§ **PROBLEM REQUIREMENTS**
State the number of lines in the material below that have "blocks" in them, without any other text.

§ **MATERIALS PROVIDED**
•••

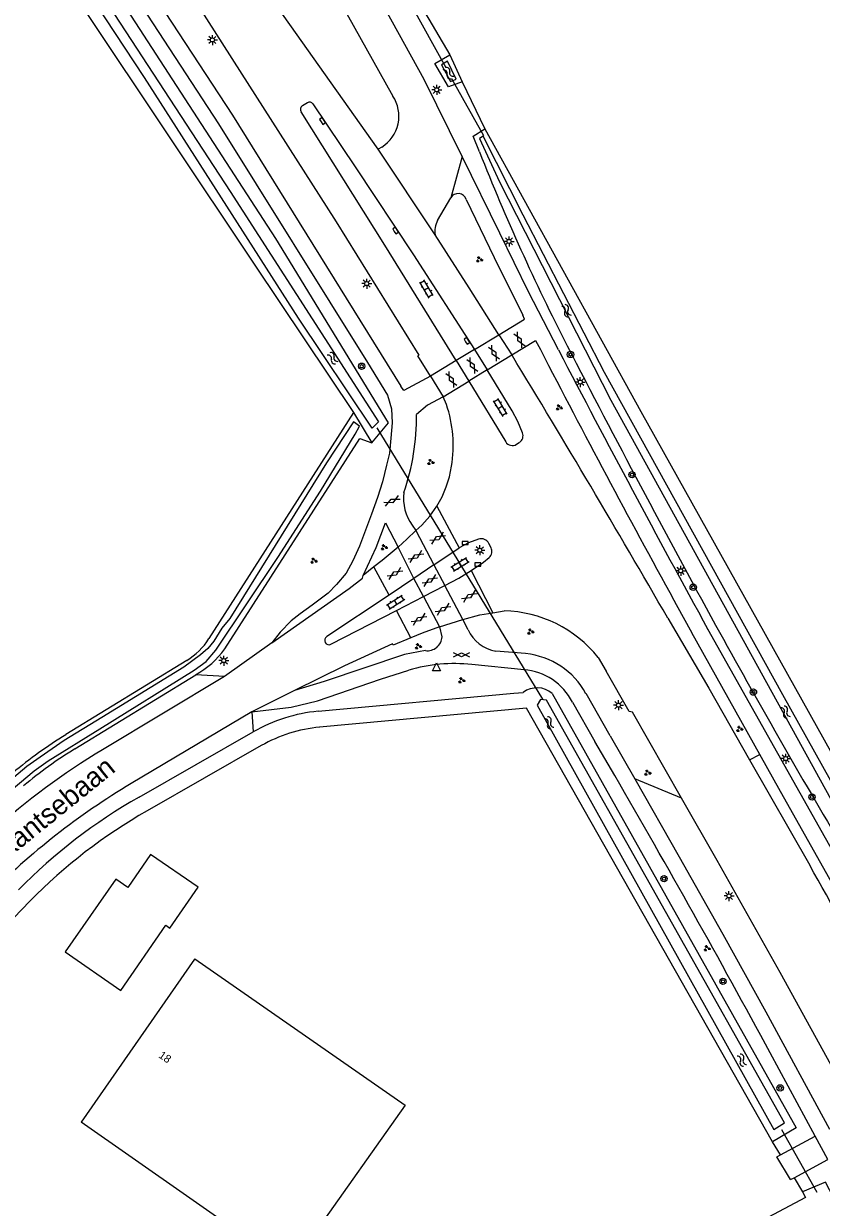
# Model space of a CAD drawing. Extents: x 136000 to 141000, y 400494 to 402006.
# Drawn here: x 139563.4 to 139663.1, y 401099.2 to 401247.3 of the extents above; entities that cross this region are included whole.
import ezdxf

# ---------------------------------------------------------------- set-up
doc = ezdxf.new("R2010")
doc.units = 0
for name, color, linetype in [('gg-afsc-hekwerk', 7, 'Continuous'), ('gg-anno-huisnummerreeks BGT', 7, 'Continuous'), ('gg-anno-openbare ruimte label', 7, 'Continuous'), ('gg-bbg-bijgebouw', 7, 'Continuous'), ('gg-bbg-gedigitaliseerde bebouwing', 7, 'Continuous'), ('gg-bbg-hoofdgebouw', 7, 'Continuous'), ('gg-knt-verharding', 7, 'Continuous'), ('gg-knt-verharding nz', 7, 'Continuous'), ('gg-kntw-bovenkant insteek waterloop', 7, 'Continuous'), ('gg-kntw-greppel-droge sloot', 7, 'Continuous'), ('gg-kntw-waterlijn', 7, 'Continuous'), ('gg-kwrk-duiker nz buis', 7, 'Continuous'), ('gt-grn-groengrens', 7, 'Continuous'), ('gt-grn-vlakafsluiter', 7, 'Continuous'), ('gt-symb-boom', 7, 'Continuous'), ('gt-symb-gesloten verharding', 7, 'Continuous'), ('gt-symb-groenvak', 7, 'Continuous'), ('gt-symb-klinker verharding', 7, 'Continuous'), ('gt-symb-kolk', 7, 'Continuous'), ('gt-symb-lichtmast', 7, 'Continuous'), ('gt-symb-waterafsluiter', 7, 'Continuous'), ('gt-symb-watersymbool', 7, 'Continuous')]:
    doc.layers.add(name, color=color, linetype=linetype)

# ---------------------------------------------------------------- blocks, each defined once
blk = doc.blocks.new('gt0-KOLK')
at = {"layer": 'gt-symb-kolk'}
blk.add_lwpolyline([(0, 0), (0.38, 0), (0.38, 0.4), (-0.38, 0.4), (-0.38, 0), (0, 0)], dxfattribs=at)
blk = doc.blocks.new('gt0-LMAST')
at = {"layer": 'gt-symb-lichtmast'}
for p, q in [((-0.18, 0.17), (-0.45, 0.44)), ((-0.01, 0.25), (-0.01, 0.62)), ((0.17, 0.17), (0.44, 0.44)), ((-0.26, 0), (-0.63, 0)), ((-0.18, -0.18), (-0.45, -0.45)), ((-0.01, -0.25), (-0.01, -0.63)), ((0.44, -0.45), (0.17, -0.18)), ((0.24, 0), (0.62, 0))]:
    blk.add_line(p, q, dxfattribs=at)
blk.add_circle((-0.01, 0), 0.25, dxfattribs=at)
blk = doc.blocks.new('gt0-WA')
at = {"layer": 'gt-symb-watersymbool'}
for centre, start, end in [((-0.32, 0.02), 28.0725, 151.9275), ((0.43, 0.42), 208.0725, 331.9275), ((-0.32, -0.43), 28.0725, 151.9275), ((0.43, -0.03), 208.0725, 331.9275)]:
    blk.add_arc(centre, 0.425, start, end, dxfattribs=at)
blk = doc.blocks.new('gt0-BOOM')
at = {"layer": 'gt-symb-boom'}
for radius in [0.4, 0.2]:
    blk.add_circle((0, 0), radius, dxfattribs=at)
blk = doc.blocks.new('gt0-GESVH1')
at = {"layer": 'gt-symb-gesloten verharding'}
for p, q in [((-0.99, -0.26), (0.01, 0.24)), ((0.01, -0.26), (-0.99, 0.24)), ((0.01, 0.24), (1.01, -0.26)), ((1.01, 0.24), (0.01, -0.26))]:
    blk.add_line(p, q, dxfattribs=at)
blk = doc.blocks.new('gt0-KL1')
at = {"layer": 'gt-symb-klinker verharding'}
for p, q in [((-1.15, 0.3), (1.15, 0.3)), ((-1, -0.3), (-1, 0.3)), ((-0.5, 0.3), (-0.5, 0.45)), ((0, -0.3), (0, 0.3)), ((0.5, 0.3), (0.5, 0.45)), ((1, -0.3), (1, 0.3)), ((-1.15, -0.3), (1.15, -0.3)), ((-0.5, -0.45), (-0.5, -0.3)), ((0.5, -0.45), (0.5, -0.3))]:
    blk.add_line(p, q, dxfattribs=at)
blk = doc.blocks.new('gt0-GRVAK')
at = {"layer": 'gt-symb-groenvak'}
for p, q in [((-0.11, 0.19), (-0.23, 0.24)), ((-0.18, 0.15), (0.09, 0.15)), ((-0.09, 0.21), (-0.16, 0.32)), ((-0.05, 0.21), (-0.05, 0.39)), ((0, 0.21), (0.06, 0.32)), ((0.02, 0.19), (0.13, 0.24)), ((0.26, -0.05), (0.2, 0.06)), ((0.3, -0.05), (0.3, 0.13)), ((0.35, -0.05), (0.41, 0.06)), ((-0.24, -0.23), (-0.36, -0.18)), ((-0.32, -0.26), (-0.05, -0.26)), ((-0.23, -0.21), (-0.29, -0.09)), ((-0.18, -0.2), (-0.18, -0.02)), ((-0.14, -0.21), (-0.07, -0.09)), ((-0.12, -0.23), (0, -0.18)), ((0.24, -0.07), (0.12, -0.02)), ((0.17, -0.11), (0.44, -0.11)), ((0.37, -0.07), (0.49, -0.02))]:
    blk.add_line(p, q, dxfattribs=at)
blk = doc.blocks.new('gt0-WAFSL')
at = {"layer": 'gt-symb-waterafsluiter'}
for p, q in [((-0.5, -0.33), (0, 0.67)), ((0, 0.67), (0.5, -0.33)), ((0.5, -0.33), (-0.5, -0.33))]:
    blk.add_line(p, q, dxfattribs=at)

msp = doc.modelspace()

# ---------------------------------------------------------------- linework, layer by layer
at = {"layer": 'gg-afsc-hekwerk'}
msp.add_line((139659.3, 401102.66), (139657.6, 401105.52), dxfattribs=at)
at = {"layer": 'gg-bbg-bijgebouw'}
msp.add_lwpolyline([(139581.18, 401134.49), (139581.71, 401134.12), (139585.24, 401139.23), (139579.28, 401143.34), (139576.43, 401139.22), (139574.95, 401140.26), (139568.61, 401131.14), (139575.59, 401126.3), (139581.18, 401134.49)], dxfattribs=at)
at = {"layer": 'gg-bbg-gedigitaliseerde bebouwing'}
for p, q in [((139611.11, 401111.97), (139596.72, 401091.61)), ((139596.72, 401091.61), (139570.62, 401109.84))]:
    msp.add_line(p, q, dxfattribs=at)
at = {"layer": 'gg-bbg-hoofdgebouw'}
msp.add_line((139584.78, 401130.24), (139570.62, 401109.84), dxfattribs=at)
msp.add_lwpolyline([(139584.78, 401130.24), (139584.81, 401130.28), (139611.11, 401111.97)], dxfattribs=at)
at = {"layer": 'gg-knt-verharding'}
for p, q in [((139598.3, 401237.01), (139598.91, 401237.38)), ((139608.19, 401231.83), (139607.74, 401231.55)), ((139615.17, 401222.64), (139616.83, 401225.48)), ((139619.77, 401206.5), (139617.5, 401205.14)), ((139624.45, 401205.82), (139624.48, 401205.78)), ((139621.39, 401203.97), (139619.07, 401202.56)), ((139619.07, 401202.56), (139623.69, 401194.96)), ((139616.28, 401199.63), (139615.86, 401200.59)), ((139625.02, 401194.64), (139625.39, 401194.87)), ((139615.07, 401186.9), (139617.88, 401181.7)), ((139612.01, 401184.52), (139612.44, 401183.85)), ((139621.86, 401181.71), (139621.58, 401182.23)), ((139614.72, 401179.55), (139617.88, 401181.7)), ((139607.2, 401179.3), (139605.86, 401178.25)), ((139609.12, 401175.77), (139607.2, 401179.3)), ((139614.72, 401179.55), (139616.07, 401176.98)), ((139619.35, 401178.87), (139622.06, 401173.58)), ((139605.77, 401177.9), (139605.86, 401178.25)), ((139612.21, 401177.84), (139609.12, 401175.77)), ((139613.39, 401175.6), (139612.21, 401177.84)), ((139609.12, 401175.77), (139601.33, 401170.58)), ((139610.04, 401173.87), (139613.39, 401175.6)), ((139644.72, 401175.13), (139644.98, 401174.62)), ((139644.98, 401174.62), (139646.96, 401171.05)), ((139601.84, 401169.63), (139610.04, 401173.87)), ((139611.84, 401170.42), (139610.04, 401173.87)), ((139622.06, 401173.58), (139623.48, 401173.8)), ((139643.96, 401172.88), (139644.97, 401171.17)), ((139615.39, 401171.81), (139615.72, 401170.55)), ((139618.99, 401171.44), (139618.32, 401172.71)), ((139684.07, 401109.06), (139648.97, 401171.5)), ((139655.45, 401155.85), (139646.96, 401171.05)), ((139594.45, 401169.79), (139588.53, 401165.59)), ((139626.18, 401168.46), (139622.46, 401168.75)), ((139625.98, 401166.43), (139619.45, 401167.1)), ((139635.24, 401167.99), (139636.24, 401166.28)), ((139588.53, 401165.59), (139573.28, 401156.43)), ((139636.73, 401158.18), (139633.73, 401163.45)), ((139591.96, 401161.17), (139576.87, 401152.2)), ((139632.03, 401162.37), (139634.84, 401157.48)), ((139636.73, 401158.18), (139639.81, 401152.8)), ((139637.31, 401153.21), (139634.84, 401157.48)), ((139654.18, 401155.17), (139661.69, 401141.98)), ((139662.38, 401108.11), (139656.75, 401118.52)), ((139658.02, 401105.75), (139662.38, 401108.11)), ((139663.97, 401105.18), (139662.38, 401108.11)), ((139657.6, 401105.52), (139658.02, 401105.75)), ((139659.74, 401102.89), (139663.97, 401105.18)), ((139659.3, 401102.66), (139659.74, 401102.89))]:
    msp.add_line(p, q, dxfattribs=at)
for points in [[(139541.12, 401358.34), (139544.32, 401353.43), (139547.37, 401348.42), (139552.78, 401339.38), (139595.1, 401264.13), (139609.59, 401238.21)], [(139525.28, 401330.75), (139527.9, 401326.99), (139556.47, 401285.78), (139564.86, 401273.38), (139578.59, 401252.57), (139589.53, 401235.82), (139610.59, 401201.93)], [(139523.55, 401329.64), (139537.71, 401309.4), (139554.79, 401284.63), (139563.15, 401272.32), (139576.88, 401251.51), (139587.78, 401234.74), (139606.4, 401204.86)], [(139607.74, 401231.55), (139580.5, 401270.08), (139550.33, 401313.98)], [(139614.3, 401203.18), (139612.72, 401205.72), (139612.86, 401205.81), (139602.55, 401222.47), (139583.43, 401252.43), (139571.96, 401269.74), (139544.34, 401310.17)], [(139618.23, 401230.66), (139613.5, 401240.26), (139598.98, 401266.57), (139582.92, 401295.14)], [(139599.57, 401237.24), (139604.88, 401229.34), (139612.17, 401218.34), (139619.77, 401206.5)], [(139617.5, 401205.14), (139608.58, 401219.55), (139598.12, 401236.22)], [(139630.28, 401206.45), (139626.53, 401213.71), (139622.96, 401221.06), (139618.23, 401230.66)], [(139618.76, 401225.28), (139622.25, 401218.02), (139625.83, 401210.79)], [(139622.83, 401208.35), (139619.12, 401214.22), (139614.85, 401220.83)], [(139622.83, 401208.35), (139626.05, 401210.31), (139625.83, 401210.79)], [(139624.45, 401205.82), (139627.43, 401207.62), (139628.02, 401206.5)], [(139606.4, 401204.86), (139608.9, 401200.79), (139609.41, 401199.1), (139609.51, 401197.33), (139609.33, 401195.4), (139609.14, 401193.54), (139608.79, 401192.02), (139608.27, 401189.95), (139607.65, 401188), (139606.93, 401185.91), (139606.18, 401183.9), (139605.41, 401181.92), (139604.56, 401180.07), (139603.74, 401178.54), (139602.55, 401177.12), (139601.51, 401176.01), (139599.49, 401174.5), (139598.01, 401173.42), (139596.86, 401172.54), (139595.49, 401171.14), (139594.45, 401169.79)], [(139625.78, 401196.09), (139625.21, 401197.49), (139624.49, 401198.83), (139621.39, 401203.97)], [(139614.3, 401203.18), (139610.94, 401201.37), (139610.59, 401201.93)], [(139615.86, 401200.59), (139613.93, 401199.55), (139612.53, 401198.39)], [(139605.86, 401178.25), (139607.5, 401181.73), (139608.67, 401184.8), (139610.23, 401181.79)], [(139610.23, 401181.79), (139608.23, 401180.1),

•••

§ **OUTPUT BELOW**
9